Not sure if anyone saw the show last night. On the show is a girl named Celeste who is a pro gamer/speed solver. The show comes on TBS. Here is more info for those who want to see it:

http://www.tbs.com/shows/king-of-the-nerds/


----------



## applemobile (Jan 18, 2013)

Hipsters. Hipsters everywhere.


----------



## emolover (Jan 18, 2013)

Was she hot?


----------



## uniacto (Jan 18, 2013)

2minutes and 38 seconds in - I see asian girl. I predict she's the cuber.
9 minutes and 45 seconds in - I predicted right.




emolover said:


> Was she hot?



She's alrightish


----------



## IamWEB (Jan 18, 2013)

.This thread


----------



## Dene (Jan 18, 2013)

Video doesn't load; I assume it's because I'm not in the US. Disappointed


----------



## uniacto (Jan 19, 2013)

Dene said:


> Video doesn't load; I assume it's because I'm not in the US. Disappointed



you aren't missing much


----------



## Dene (Jan 19, 2013)

uniacto said:


> you aren't missing much



Wanna see hot azn chick


----------



## JonnyWhoopes (Jan 19, 2013)

Dene said:


> Wanna see hot azn chick



"alrightish" azn chick


----------



## aznanimedude (Jan 19, 2013)

She looks filipina. Good enough for me


----------



## Ross The Boss (Jan 20, 2013)

I speak Klingon, maybe i should try out for this show.


----------



## Escher (Jan 21, 2013)

Celeste = Eric Limeback's ex? Haven't watched vid...


----------



## donvino (Jan 21, 2013)

Looks like that's her WCA profile: http://worldcubeassociation.org/results/p.php?i=2009ANDE04
Unfortunately I can't watch the show either.. Oh well..


----------



## Stefan (Jan 21, 2013)

http://www.google.com/search?q="king+of+the+nerds"+celeste
=> http://www.youtube.com/watch?v=6uBOnttFBGY


----------



## Dene (Jan 22, 2013)

onice, total hotty.

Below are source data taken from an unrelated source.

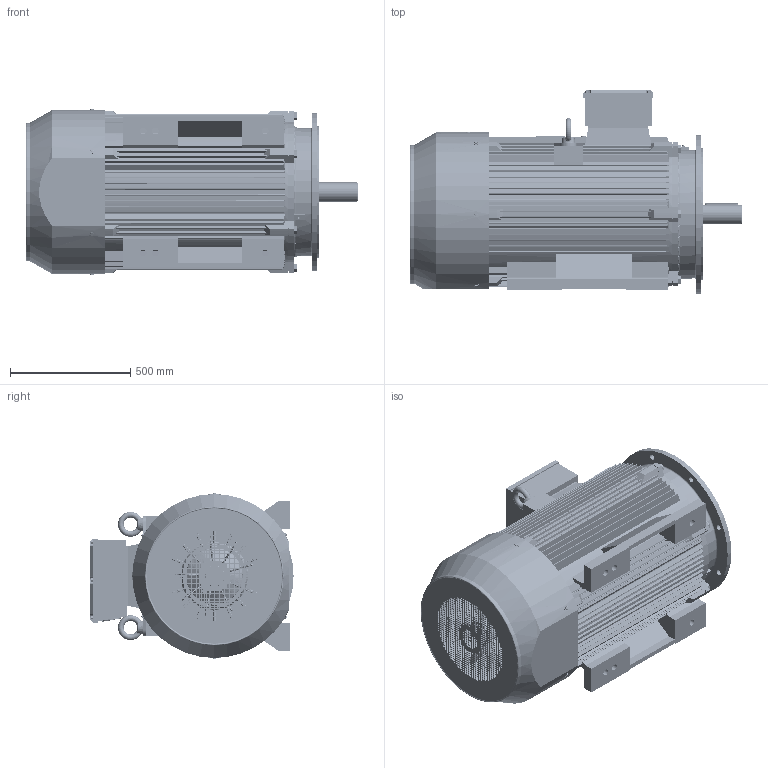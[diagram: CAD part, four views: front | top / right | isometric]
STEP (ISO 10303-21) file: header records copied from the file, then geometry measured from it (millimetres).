
FILE_DESCRIPTION (( 'STEP AP214' ), '1' );
FILE_NAME ('BCT3132.31D435.11.STEP', '2020-04-23T13:31:54', ( '' ), ( '' ), 'SwSTEP 2.0', 'SolidWorks 2019', '' );
FILE_SCHEMA (( 'AUTOMOTIVE_DESIGN' ));
Length unit declared in the file: millimetre
Products named in the file (1): BCT3132.31D435.11
Bounding box: 1382 x 846 x 694.6 mm (x, y, z)
Volume: 118801604.4 mm3; surface area: 13650415.7 mm2
Topology: 48 solids, 48 shells, 8236 faces, 23076 edges, 15136 vertices
Faces by surface type: plane 5855, cylinder 984, cone 491, torus 449, sphere 248, bspline 209
Entity records: 324882 total; most frequent: CARTESIAN_POINT 111240, ORIENTED_EDGE 46124, DIRECTION 40075, EDGE_CURVE 23062, VECTOR 16453, LINE 16453, VERTEX_POINT 15132, AXIS2_PLACEMENT_3D 11811
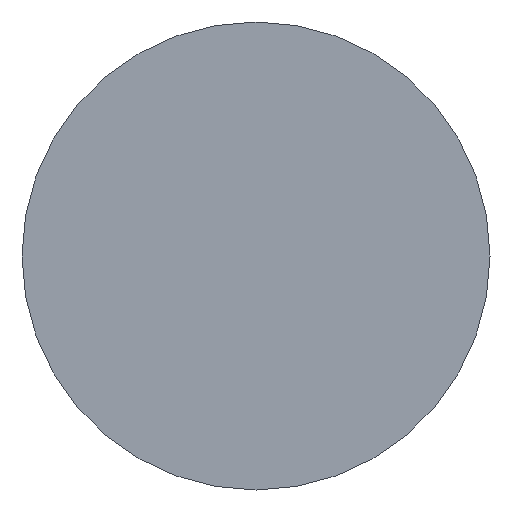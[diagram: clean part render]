
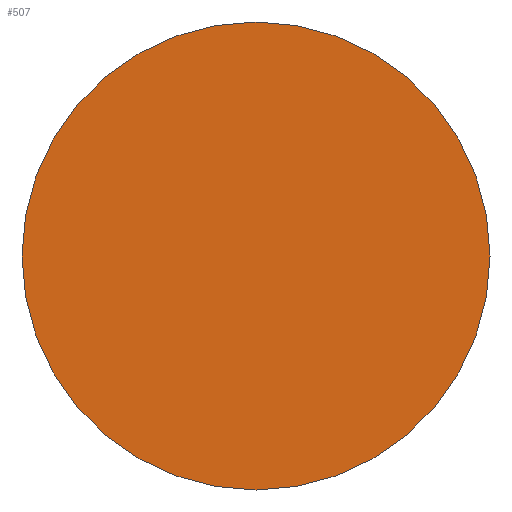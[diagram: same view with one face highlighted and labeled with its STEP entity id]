
A CAD part, front view. The second image highlights one B-rep face of the part: STEP entity #507.
In plain terms, the highlighted planar face has unit normal (0, -1, 0).
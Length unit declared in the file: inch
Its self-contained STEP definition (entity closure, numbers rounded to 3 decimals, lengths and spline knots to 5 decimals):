
#10 = VERTEX_POINT ( 'NONE', #119 ) ;
#30 = CIRCLE ( 'NONE', #226, 1. ) ;
#35 = DIRECTION ( 'NONE',  ( 0., 0., -1. ) ) ;
#45 = CARTESIAN_POINT ( 'NONE',  ( 0., -0.04, 0. ) ) ;
#56 = CARTESIAN_POINT ( 'NONE',  ( 0., -0.04, 0. ) ) ;
#57 = EDGE_CURVE ( 'NONE', #10, #381, #232, .T. ) ;
#78 = DIRECTION ( 'NONE',  ( 0., -1., 0. ) ) ;
#92 = DIRECTION ( 'NONE',  ( 0., 0., -1. ) ) ;
#95 = FACE_OUTER_BOUND ( 'NONE', #296, .T. ) ;
#108 = ORIENTED_EDGE ( 'NONE', *, *, #162, .T. ) ;
#115 = CARTESIAN_POINT ( 'NONE',  ( 0., -0.04, 0. ) ) ;
#119 = CARTESIAN_POINT ( 'NONE',  ( 0., -0.04, -1. ) ) ;
#162 = EDGE_CURVE ( 'NONE', #381, #10, #30, .T. ) ;
#179 = DIRECTION ( 'NONE',  ( 0., -1., 0. ) ) ;
#226 = AXIS2_PLACEMENT_3D ( 'NONE', #115, #78, #433 ) ;
#232 = CIRCLE ( 'NONE', #300, 1. ) ;
#256 = ORIENTED_EDGE ( 'NONE', *, *, #57, .T. ) ;
#293 = AXIS2_PLACEMENT_3D ( 'NONE', #56, #179, #92 ) ;
#296 = EDGE_LOOP ( 'NONE', ( #108, #256 ) ) ;
#299 = PLANE ( 'NONE',  #293 ) ;
#300 = AXIS2_PLACEMENT_3D ( 'NONE', #45, #526, #35 ) ;
#304 = CARTESIAN_POINT ( 'NONE',  ( 0., -0.04, 1. ) ) ;
#381 = VERTEX_POINT ( 'NONE', #304 ) ;
#433 = DIRECTION ( 'NONE',  ( 0., 0., -1. ) ) ;
#507 = ADVANCED_FACE ( 'NONE', ( #95 ), #299, .T. ) ;
#526 = DIRECTION ( 'NONE',  ( 0., -1., 0. ) ) ;
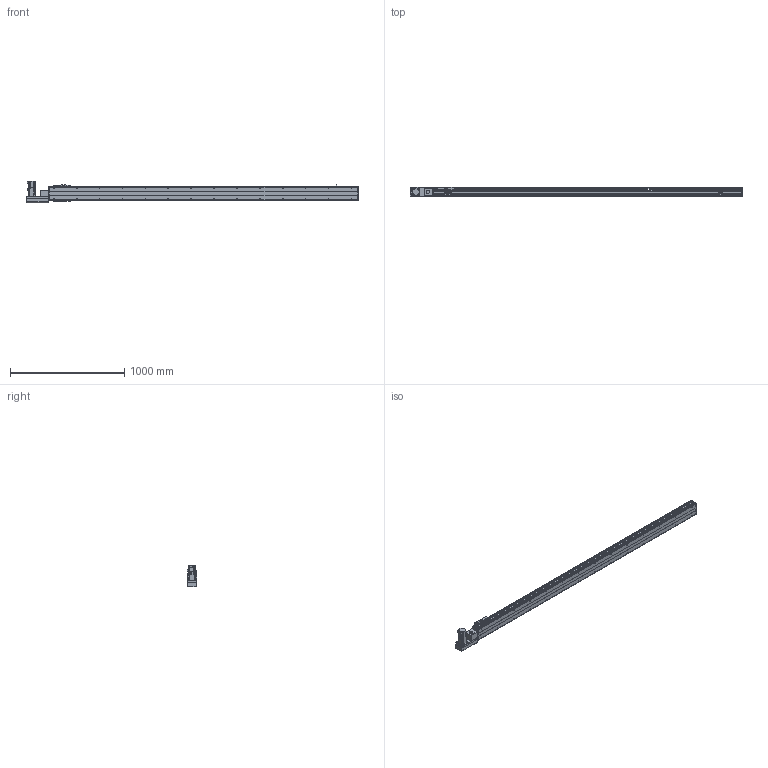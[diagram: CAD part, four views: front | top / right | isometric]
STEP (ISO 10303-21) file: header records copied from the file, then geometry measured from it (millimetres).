
FILE_DESCRIPTION( ( 'STEP AP214' ), '1' );
FILE_NAME( 'x:/temp/worker_26/temp/exporttempdir_3776_75_x1QO5/format_0/PBS120-P40-S2400-L-T40-C1-N(0).stp', '2022-06-05T00:28:59', ( 'License CC BY-ND 4.0' ), ( 'CADENAS' ), ' ', 'PARTsolutions', ' ' );
FILE_SCHEMA( ( 'AUTOMOTIVE_DESIGN { 1 0 10303 214 1 1 1 1 }' ) );
Length unit declared in the file: millimetre
Products named in the file (7): PBS120-P40-S2400-L-T40-C1-N(0); _PBS120-S2400()_body; _PBS120T-L_motors; _T40-p1; _PBS120_sliser; _PBS120_plant; _PBS120_sensor
Assembly tree (8 placements, depth 2):
  PBS120-P40-S2400-L-T40-C1-N(0)
    _PBS120-S2400()_body
    _PBS120T-L_motors
    _T40-p1
    _PBS120_sliser
    _PBS120_plant
    _PBS120_sensor  x3
Bounding box: 2901 x 83 x 189.7 mm (x, y, z)
Volume: 10518333.9 mm3; surface area: 2169084 mm2
Topology: 8 solids, 8 shells, 864 faces, 2216 edges, 1423 vertices
Faces by surface type: plane 561, cylinder 241, cone 60, torus 2
Full cylindrical faces by diameter (mm): 2.459 x6, 3.242 x4, 4 x2, 4.134 x4, 4.5 x10, 4.917 x32, 5.5 x11, 6 x2, 6.6 x1, 7 x2, 8.5 x4, 9 x4, 12 x1, 14 x1, 30 x2, 40 x1, 50 x2
Entity records: 28332 total; most frequent: DIRECTION 3884, CARTESIAN_POINT 3785, ORIENTED_EDGE 3574, EDGE_CURVE 1787, AXIS2_PLACEMENT_3D 1328, VERTEX_POINT 1229, LINE 1228, VECTOR 1228

It's just a shame she's an FPS fan... totally lame.


----------



## Mikel (Mar 8, 2013)

Celeste Anderson (the cuber) just won King of the Nerds winning the $100,000 prize!!!


----------



## uniacto (Mar 8, 2013)

Mikel said:


> Celeste Anderson (the cuber) just won King of the Nerds winning the $100,000 prize!!!



very cool. She's still alrightish though xD


----------



## Dene (Mar 8, 2013)

Holy moly, no kidding 100k? Gee wizz, get me into some of that, talk about easy money!


----------